[Source records]
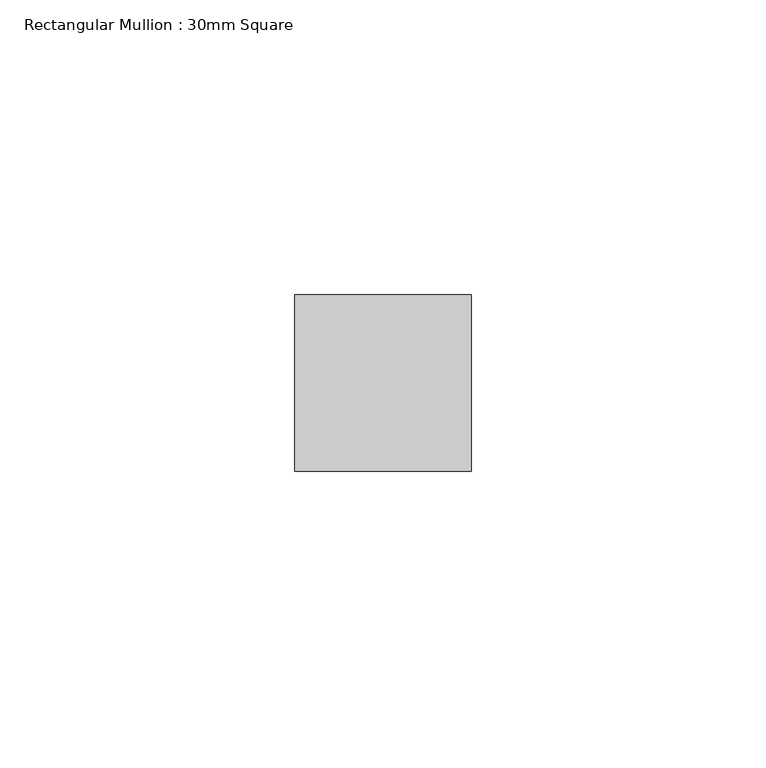
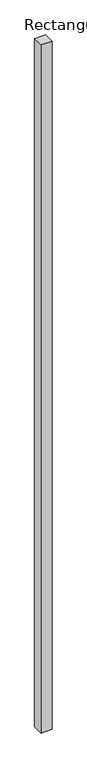
"""IFC4 building model written with IfcOpenShell, lengths in millimetres: member geometry, Rectangular Mullion : 30mm Square."""

from ifc_helpers import new_model, si_unit, frame, origin, place, context, project, spatial, polyline, outline, extrude, source, transform, mapped, element, save


def rectangular_mullion_30mm_square_a7719491(model_context):
    return source(origin(), model_context, "Body", "SweptSolid", [
        extrude(outline(polyline([(15.0, 15.0), (15.0, -15.0), (-15.0, -15.0), (-15.0, 15.0), (15.0, 15.0)])), frame((0.0, 0.0, -1995.0714456), z_axis=(0.0, 0.0, 1.0), x_axis=(1.0, 0.0, 0.0)), (0.0, 0.0, 1.0), 1995.0714456),
    ])


if __name__ == "__main__":
    model = new_model("IFC4")
    model_context = context("Model", 3, world=origin())
    ifc_project = project(units=[si_unit("LENGTHUNIT", "METRE", prefix="MILLI")], contexts=[model_context])
    site = spatial("IfcSite", under=ifc_project)
    building = spatial("IfcBuilding", under=site)
    placement = place(None, origin())
    rectangular_mullion_30mm_square_shape = rectangular_mullion_30mm_square_a7719491(model_context)
    element("IfcMember", 1, ObjectType="Rectangular Mullion : 30mm Square", at=placement, inside=building, context=model_context, shape_type="MappedRepresentation", body=[
        mapped(rectangular_mullion_30mm_square_shape, transform((0.0, 0.0, 0.0), x_axis=(1.0, 0.0, 0.0), y_axis=(0.0, 1.0, 0.0), z_axis=(0.0, 0.0, 1.0))),
    ])
    save(model, "model.ifc")

# Revit data of these elements
# Type "Rectangular Mullion : 30mm Square"
#   built-in parameter 1007304 = 0.0984252 (stored number, unit not read)
#   built-in parameter 1007301 = 0.0492126 (stored number, unit not read)
#   built-in parameter 1007300 = 0.0492126 (stored number, unit not read)
# Element 1 (IfcMember, "Rectangular Mullion : 30mm Square")
#   Materials on its faces: "Aluminum"
# Materials
#   "Aluminum": class "Metal", colour RGB 244 244 244, transparency 0, Description = "Aluminum 6061", Cost = 0
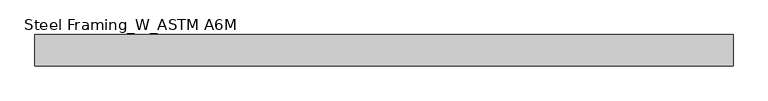
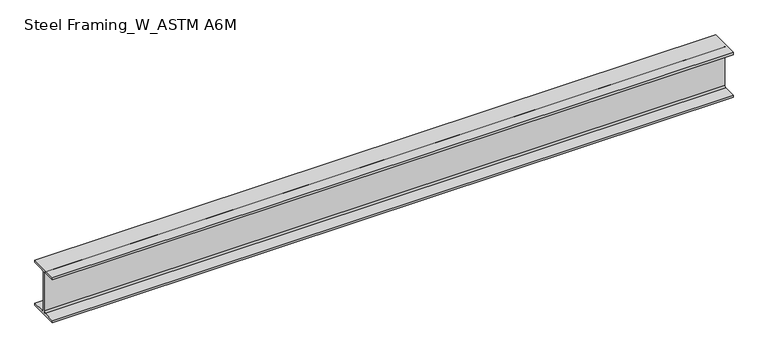
"""IFC4 building model written with IfcOpenShell, lengths in millimetres: beam geometry, Steel Framing_W_ASTM A6M : H_SB_AR_S02_W200x31.3_RB4."""

from ifc_helpers import new_model, si_unit, point, frame, frame_2d, origin, place, context, project, spatial, polyline, circle_curve, trimmed, segment, composite_curve, outline, extrude, source, transform, mapped, element, save


def steel_framing_w_astm_a6m_acb30e8c(model_context):
    return source(origin(), model_context, "Body", "SweptSolid", [
        extrude(outline(composite_curve([segment(polyline([(67.0, -94.8), (67.0, -105.0), (-67.0, -105.0), (-67.0, -94.8), (-10.775, -94.8)]), True, "CONTINUOUS"), segment(trimmed(circle_curve(frame_2d((-10.775, -87.2)), 7.6), [point((-10.775, -94.8))], [point((-3.175, -87.2))], True, "CARTESIAN"), True, "CONTINUOUS"), segment(polyline([(-3.175, -87.2), (-3.175, 87.2)]), True, "CONTINUOUS"), segment(trimmed(circle_curve(frame_2d((-10.775, 87.2)), 7.6), [point((-3.175, 87.2))], [point((-10.775, 94.8))], True, "CARTESIAN"), True, "CONTINUOUS"), segment(polyline([(-10.775, 94.8), (-67.0, 94.8), (-67.0, 105.0), (67.0, 105.0), (67.0, 94.8), (10.775, 94.8)]), True, "CONTINUOUS"), segment(trimmed(circle_curve(frame_2d((10.775, 87.2)), 7.6), [point((10.775, 94.8))], [point((3.175, 87.2))], True, "CARTESIAN"), True, "CONTINUOUS"), segment(polyline([(3.175, 87.2), (3.175, -87.2)]), True, "CONTINUOUS"), segment(trimmed(circle_curve(frame_2d((10.775, -87.2)), 7.6), [point((3.175, -87.2))], [point((10.775, -94.8))], True, "CARTESIAN"), True, "CONTINUOUS"), segment(polyline([(10.775, -94.8), (67.0, -94.8)]), True, "CONTINUOUS")], self_intersect=False)), frame((-1500.0, 0.0, 0.0), z_axis=(1.0, 0.0, 0.0), x_axis=(0.0, 1.0, 0.0)), (0.0, 0.0, 1.0), 3000.0),
    ])


if __name__ == "__main__":
    model = new_model("IFC4")
    model_context = context("Model", 3, world=origin())
    ifc_project = project(units=[si_unit("LENGTHUNIT", "METRE", prefix="MILLI")], contexts=[model_context])
    site = spatial("IfcSite", under=ifc_project)
    building = spatial("IfcBuilding", under=site)
    placement = place(None, origin())
    steel_framing_w_astm_a6m_shape = steel_framing_w_astm_a6m_acb30e8c(model_context)
    element("IfcBeam", 1, ObjectType="Steel Framing_W_ASTM A6M : H_SB_AR_S02_W200x31.3_RB4", at=placement, inside=building, context=model_context, shape_type="MappedRepresentation", body=[
        mapped(steel_framing_w_astm_a6m_shape, transform((0.0, 0.0, 0.0), x_axis=(1.0, 0.0, 0.0), y_axis=(0.0, 1.0, 0.0), z_axis=(0.0, 0.0, 1.0))),
    ])
    save(model, "model.ifc")

# Revit data of these elements
# Type "Steel Framing_W_ASTM A6M : H_SB_AR_S02_W200x31.3_RB4"
#   Type Mark = "RB4"
#   Section Name Key = "W8x21"
#   Width = 13.4 cm
#   Web Thickness = 0.635 cm
#   Web Fillet = 0.76 cm
#   Warping Constant = 40800.0 cm⁶
#   Torsional Moment of Inertia = 11.70 cm⁴
#   Section Area = 39.7 cm²
#   Plastic Modulus weak axis = 93.2 cm³
#   Plastic Modulus strong axis = 334.0 cm³
#   Perimeter = 0.93 m²/m
#   Nominal Weight = 31.30 kgf/m
#   Moment of Inertia weak axis = 407.00 cm⁴
#   Moment of Inertia strong axis = 3130.00 cm⁴
#   Height = 21.0 cm
#   Flange Thickness = 1.02 cm
#   Elastic Modulus weak axis = 60.8 cm³
#   Elastic Modulus strong axis = 298.0 cm³
#   Centroid Vertical = 10.5 cm
#   Centroid Horizontal = 6.7 cm
#   Length [instance default] = 1500 mm
#   Structural Material [instance default] = Steel, 45-345
#   Bolt Spacing = 0
#   Assembly Code = ""
# Element 1 (IfcBeam, "Steel Framing_W_ASTM A6M : H_SB_AR_S02_W200x31.3_RB4")
#   Materials on its faces: "Steel, 45-345"
# Materials
#   "Steel, 45-345": class "Metal", colour RGB 189 187 185, transparency 0, Description = "Steel 345 MPa", Cost = 0
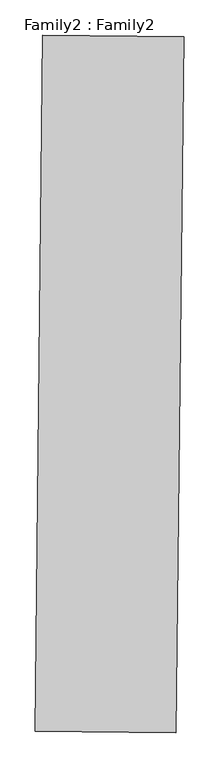
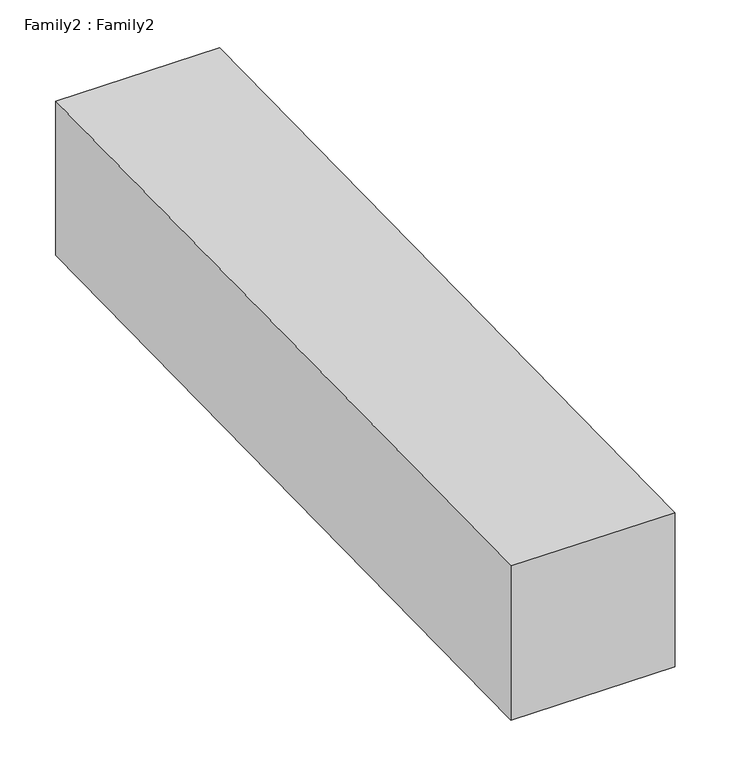
"""IFC4 building model written with IfcOpenShell, lengths in millimetres: proxy geometry, Family2 : Family2."""

from ifc_helpers import new_model, si_unit, origin, place, context, project, spatial, faceted_brep, source, transform, mapped, element, save


def family2_family2_9fa9562e(model_context):
    return source(origin(), model_context, "Body", "Brep", [
        faceted_brep([(-3948.8640696, -6566.8604833, 1.0945136), (-3948.8640696, -6566.8604833, 201.0945136), (-3937.9787249, -5580.7396393, 202.060409), (-3937.9787249, -5580.7396393, 2.060409), (-3748.8728796, -6568.737696, 201.0945136), (-3737.9875349, -5582.6168519, 202.060409), (-3748.8728796, -6568.737696, 1.0945136), (-3737.9875349, -5582.6168519, 2.060409)], [[[0, 1, 2, 3]], [[1, 4, 5, 2]], [[4, 6, 7, 5]], [[6, 0, 3, 7]], [[3, 2, 5, 7]], [[0, 6, 4, 1]]]),
    ])


if __name__ == "__main__":
    model = new_model("IFC4")
    model_context = context("Model", 3, world=origin())
    ifc_project = project(units=[si_unit("LENGTHUNIT", "METRE", prefix="MILLI")], contexts=[model_context])
    site = spatial("IfcSite", under=ifc_project)
    building = spatial("IfcBuilding", under=site)
    placement = place(None, origin())
    family2_family2_shape = family2_family2_9fa9562e(model_context)
    element("IfcBuildingElementProxy", 1, Name="Family2 : Family2", ObjectType="Family2 : Family2", at=placement, inside=building, context=model_context, shape_type="MappedRepresentation", body=[
        mapped(family2_family2_shape, transform((0.0, 0.0, 0.0), x_axis=(1.0, 0.0, 0.0), y_axis=(0.0, 1.0, 0.0), z_axis=(0.0, 0.0, 1.0))),
    ])
    save(model, "model.ifc")

# Revit data of these elements
# Type "Family2 : Family2"
#   Default Elevation = 0

# What to produce:
Only the lines above from the line containing "axis = 60.8 cm³" through the line containing "default] = Steel, 45-345" should be retyped, exactly and with both ends included.

# Result of this task:
#   Elastic Modulus weak axis = 60.8 cm³
#   Elastic Modulus strong axis = 298.0 cm³
#   Centroid Vertical = 10.5 cm
#   Centroid Horizontal = 6.7 cm
#   Length [instance default] = 1500 mm
#   Structural Material [instance default] = Steel, 45-345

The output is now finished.